我順著她的話頭道︰「可不是呢,剛上了藥,不能亂抓,不然以後留下個蟲子咬過的長疤來,可難看了!」
端了燕窩粥給她吃時,她已餓得厲害了,幾乎要搶過我的碗捧在懷里悶頭吃喝,把滿滿一整碗吃完,才意猶未盡地舌忝舌忝嘴巴,說道︰「這個一定不是軟玉煮的吧?我不喜歡她煮的飯菜。我再也不吃她煮的飯菜啦!」
她未必懂得分辨是非黑白,但從那日我給沉塘後,便恨上了黎宏和軟玉,軟玉做什麼都不待見了。
我又是欣慰,又是發愁,只問道︰「還吃不吃了?」
她點點頭,又搖搖頭,模著她小小的肚子說道︰「娘親看我肚子,圓滾滾的,應該飽了吧?」
我也怕她吃得撐了,不敢再喂她,遂道︰「再睡一會兒吧,天還沒亮呢!」
相思應了,又鑽我懷中躺著,眼楮眨巴眨巴好一會兒,才慢慢疑惑起來,問道︰「娘親,這不是你屋子呀?」
我敷衍道︰「對,我們……離開狸山了。娘親帶你去舅舅家玩幾天。」
「舅舅家?父王也去嗎?」
「你父王……你父王臨時有很要緊的事要辦,須得離開我們一陣子,娘親正好帶你到舅舅家走走親戚。等你父王辦完事,自然去舅舅家接你回家。」
「又有要緊的事要辦……」
相思大失所望。
「他每次出去辦事都把我丟開,不肯陪著我。幸好現在有娘親陪我……舅舅家好玩嗎?有沒有養很多的鳥兒和猴子?有沒有很大的彈弓?」
她絮絮叨叨,向往起不用練琴習字並且可以天天用彈弓打鳥的快活生活了。
我打起精神哄她,她卻已睡了一整天,自是精神充沛,卻嘰嘰喳喳說到了天快亮才又睡著,我已經困得眼皮都撐不開了。

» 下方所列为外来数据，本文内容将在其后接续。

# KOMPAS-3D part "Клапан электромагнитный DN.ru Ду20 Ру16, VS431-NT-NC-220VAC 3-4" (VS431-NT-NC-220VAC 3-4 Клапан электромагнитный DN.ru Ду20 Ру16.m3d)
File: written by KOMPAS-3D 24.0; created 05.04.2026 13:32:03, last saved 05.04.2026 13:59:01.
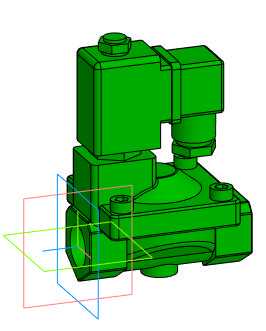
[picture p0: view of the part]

Document properties: Автор: artio; Полное имя файла: C:\Users\artio\OneDrive\Рабочий стол\Клапан электромагнитный DN.ru\VS431\VS431-NT-NC\VS431-NT-NC-220VAC\Ду20\VS431-NT-NC-220VAC 3-4 Клапан электромагнитный DN.ru Ду20 Ру16.m3d

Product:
- Body: Тело 1  | qty 1
    Масса: 1.198355
- Part/product: Клапан электромагнитный DN.ru Ду20 Ру16  | designation VS431-NT-NC-220VAC 3-4
    Масса: 0.907
    Раздел спецификации: Прочие изделия
    Примечание: D130-04669
    additional columns: ef56311e-7521-43dc-8291-0e6108b3d81d; artio; c; Шероховатость не задана; Да

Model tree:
1. Операция без истории:1

Expressions: VS431-NT-NC-220VAC 3-4
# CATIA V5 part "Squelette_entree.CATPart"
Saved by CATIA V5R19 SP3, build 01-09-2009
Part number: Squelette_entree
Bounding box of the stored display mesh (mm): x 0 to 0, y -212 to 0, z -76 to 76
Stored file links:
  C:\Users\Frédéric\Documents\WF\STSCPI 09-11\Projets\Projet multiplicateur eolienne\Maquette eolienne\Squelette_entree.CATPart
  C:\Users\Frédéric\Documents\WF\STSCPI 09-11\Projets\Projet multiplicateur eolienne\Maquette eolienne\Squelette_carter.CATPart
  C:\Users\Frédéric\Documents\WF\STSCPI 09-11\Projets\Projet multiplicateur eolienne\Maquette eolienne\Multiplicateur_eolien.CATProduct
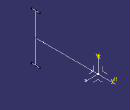
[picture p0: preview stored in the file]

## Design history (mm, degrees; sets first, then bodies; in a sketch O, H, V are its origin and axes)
External parameters (linked from other documents)
  External.Offset = 20 mm
  `External.Ecartement palier arbre 9` = 155 mm
  `External.rayon primitif A et C` = 76 mm
AxisSystem1: origin (0, 0, 0), X (1, 0, 0), Y (0, 1, 0), Z (0, 0, 1)
Body1 (main body)
  Sketch1 on YZ plane of AxisSystem1, origin (0, 0, 0), H (0, 1, 0), V (0, 0, 1)
    point P1 (-200, 0)
    line L1 (-200, 0) -> (-200, 76)
    point P2 (-200, 76)
    line L2 (-200, 76) -> (-212, 76)
    point P3 (-212, 76)
    line L3 (-200, 76) -> (-188, 76)
    point P4 (-188, 76)
    line L4 (0, 0) -> (-20, 0)
    point P5 (-20, 0)
    line L5 (-20, 0) -> (-175, 0)
    point P6 (-175, 0)
    line L6 (-175, 0) -> (-200, 0)
    point P7 (-20, 0)
    point P8 (-175, 0)
    point P9 (-200, 0)
    point P10 (-200, -76)
    point P11 (-212, -76)
    point P12 (-188, -76)
    line L7 (-200, 0) -> (-200, -76)
    line L8 (-200, -76) -> (-212, -76)
    line L9 (-200, -76) -> (-188, -76)
    length L2 = 12
    length L3 = 12 {= Sketch1.length(L2)}
    length L1 = 76 {= `External.rayon primitif A et C`}
    distance V L1 = 200
    length L4 = 20
    length L5 = 155 {= `External.Ecartement palier arbre 9`}
    vertical: L1 V
    horizontal: L2 H, L3 H, L4 H, L5 H, L6 H
    coincidence: P7 P5, P8 P6
    symmetry: P1 P9 L6, P2 P10 L6, P3 P11 L6, P4 P12 L6, L1 L7 L6, L2 L8 L6, L3 L9 L6
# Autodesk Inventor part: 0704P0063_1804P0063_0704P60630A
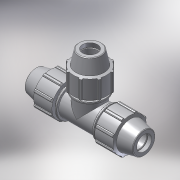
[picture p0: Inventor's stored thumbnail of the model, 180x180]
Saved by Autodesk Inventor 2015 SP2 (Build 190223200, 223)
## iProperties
Created: 2017-02
Part Number: 0704P0063_1804P0063_0704P60630A
Material: PVC-Piping
Description: PLASSON REPAIR TEE 63
Document SubType Name: Modeling
Designer: KIM
Mass: 92.6774 g
Surface Area: 199.44 cm^2
Volume: 66.1981 cm^3
Density: 1.4 g/cm^3
Appearance: Smooth - White
Author: Кирилл
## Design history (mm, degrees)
derived "0704P0.ipt"
feature "Solid1::0704P0.ipt"
tag "TaggingFeature1"
body "Solid1"
other parameters: "d2" = 63, "d4" = 12.16667, "d5" = 36.5, "d7" = 113, "d11" = 4.86667, "d13" = 120 deg, "d14" = 81.9, "d15" = 12 deg, "d16" = 98.31, "d18" = 3.15, "d19" = 35 deg, "d20" = 17.5 deg, "d21" = 105.09, "d23" = 0, "d25" = 360 deg, "d27" = 2.26, "d33" = 1.26, "d42" = 51.1, "d43" = 3.39, "d46" = 1.89, "d67" = 84.75, "d76" = 63, "d77" = 113, "d78" = 12 deg, "d79" = 146, "d80" = 120 deg, "d81" = 81.9, "d82" = 12.16667, "d85" = 84.75, "d86" = 98.31, "d87" = 4.86667, "d88" = 4.86667, "d89" = 36.5, "d90" = 51.1, "d96" = 14.6, "d98" = 105.09, "d99" = 35 deg, "d100" = 17.5 deg, "d102" = 0, "d103" = 2.26, "d107" = 360 deg, "d109" = 1.89, "d112" = 3.15, "d118" = 360 deg, "d121" = 0, "d128" = 294, "d131" = 56.7, "d132" = 56.7, "d134" = 2.2, "d135" = 14.6, "d152" = 0, "d154" = 0, "d156" = 0, "d158" = 0, "d_" = 63, "E_" = 113, "A_" = 146, "H_" = 294
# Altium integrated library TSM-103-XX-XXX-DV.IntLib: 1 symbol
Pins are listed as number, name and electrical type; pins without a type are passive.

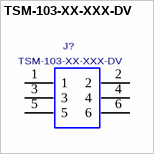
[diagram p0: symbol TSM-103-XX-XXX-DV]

## TSM-103-XX-XXX-DV
designator J?
DOUBLE ROW SURFACE MOUNT TERMINAL STRIP; MANUFACTURER: SAMTEC
footprint TSM-103-XX-XXX-DV
footprint TSM-103-XX-XXX-DV
pins: 1, 2, 3, 4, 5, 6
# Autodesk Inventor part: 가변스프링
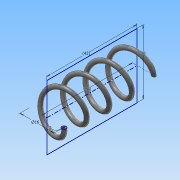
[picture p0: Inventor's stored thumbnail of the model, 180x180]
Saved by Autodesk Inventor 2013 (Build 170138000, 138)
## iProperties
Created: 2015-09
Part Number: 가변스프링
Material: 강철, 탄소
Document SubType Name: Modeling
Designer: Administrator
Density: 7.87 g/cm^3
Mass: 4.91411 g
Surface Area: 12.711 cm^2
Volume: 0.62441 cm^3
Author: Administrator
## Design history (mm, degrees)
sketch "스케치1"
  geometry: L1 (0, 0)-(0, 42); L2 (0, 42)-(8, 42); C1 r 1 at (8, 0)
  constraints: 4 end point, 1 centre point, 1 horizontal alignment, 1 perpendicular, 1 vertical
  dimensions: "d0" = 42 distance of L1.start L1.end (derived); "d1" = 2 diameter of C1; "d2" = 16 diameter of C1.centre L1
feature "코일1" sketch "스케치1" pitch "d3" = 10; turns "d5" = 4; dims "d4" = 42 (= d0), "d6" = 0, angle "d7" = 90 deg, angle "d8" = 90 deg, "d9" = 0, "d10" = 0
sketch "스케치3"
  geometry: L1 (42, 15)-(0, 15); L2 (0, 15)-(0, -15); L3 (0, -15)-(42, -15); L4 (42, -15)-(42, 15); 2 further points
  constraints: 8 end point, 2 coincident, 2 parallel, 1 horizontal, 1 midpoint, 1 perpendicular
  dimensions: "d18" = 30 distance of L3.end L1.start; "d21" = 42 distance of L1.start L1.end (derived)
extrude "돌출2" sketch "스케치3" stored distance "d22" = 10; taper "d23" = 0 deg
node "솔리드1"
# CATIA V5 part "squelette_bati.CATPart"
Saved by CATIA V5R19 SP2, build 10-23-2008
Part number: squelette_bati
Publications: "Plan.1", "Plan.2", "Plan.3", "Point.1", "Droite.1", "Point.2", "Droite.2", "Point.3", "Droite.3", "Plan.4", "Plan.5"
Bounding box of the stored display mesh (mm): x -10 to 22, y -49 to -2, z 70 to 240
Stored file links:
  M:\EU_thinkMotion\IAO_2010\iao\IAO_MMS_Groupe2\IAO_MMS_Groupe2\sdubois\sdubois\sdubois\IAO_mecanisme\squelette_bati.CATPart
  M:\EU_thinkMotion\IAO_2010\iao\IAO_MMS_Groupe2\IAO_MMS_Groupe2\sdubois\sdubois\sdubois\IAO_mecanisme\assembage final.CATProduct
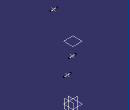
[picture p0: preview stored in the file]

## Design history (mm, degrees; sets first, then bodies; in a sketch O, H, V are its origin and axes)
External parameters (linked from other documents)
  External.x_hauteur = 20 mm
Set1
  Plane1: type Offset, RefPlane xy-plane, Offset 0
  Plane2: type Offset, RefPlane zx-plane, Offset 0
  Plane3: type Offset, RefPlane yz-plane, Offset 0
  Point1: (0, -18, 70 {= 50mm+External.x_hauteur})
  Line1: type PtDir, RefPoint Point1, Direction Plane3, Start -10, End 10
  Point2: (0, -2, 130 {= 110mm+External.x_hauteur})
  Line2: type PtDir, RefPoint Point2, Direction Plane3, Start -10, End 10
  Point3: (12, -49, 240 {= 220mm+External.x_hauteur})
  Line3: type PtDir, RefPoint Point3, Direction Plane3, Start -10, End 10
  Plane4: type Offset, RefPlane Plane1, Offset 171.5 {= 151.5mm+External.x_hauteur}
  Plane5: type Offset, RefPlane Plane3, Offset 12
Body1 (main body)

迷糊入睡時,我忽然想起,相思在床上睡著,又在另一張床上醒來,必定認為她只是睡了一晚上而已,並沒有發現她的時間已經悄無聲息地少了一天。
這種感覺有些怪異,讓我有莫名的荒誕感。
可我沒來得及細細探究這種荒誕感從何而來,便在困意席卷間陷入沉睡。